*Assignment:*
Give the number of lines in the material below that contain the word "centre". No other content is needed.

*Exercise input:*
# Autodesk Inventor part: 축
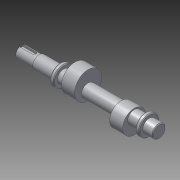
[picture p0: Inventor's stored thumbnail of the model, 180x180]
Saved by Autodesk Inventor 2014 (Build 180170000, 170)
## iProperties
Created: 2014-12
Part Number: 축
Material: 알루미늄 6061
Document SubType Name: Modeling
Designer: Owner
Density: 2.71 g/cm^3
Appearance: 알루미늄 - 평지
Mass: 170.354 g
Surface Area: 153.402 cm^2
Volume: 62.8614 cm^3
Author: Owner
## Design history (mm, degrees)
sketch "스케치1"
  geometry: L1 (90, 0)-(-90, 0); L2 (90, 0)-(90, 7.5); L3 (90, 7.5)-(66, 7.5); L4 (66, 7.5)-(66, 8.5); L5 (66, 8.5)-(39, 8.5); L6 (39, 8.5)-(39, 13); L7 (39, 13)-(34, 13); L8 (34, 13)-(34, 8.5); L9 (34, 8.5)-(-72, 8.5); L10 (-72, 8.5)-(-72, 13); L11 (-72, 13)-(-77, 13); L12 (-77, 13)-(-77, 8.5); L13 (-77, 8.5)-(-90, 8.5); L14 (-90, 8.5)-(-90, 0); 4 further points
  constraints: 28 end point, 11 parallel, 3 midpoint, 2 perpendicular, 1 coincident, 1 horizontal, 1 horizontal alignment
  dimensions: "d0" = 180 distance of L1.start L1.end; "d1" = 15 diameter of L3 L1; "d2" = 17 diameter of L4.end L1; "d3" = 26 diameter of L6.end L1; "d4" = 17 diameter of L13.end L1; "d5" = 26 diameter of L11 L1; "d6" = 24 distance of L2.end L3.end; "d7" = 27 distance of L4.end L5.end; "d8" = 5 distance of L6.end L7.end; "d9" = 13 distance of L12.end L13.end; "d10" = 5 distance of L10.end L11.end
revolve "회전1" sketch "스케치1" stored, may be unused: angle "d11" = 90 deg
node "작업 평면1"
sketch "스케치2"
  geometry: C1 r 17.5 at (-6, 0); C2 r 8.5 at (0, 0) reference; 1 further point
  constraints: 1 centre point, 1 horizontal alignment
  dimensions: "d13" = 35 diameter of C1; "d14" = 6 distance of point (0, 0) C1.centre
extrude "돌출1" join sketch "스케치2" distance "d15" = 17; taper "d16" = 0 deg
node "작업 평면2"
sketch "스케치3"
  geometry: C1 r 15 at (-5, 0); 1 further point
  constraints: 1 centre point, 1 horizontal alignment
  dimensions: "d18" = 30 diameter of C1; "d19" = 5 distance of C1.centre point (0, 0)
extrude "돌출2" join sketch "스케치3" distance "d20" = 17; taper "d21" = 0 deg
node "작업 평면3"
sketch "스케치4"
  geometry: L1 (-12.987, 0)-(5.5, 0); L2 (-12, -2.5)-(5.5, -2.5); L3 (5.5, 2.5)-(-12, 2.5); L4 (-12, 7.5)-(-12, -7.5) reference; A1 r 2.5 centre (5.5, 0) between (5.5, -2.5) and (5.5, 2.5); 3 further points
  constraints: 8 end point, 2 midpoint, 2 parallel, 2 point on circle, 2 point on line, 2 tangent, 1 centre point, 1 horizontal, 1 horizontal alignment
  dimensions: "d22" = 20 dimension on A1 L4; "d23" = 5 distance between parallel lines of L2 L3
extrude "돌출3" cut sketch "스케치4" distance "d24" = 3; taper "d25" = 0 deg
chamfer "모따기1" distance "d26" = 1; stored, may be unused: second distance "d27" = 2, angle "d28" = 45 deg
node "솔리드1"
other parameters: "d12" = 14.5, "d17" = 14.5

*Completed exercise:*
6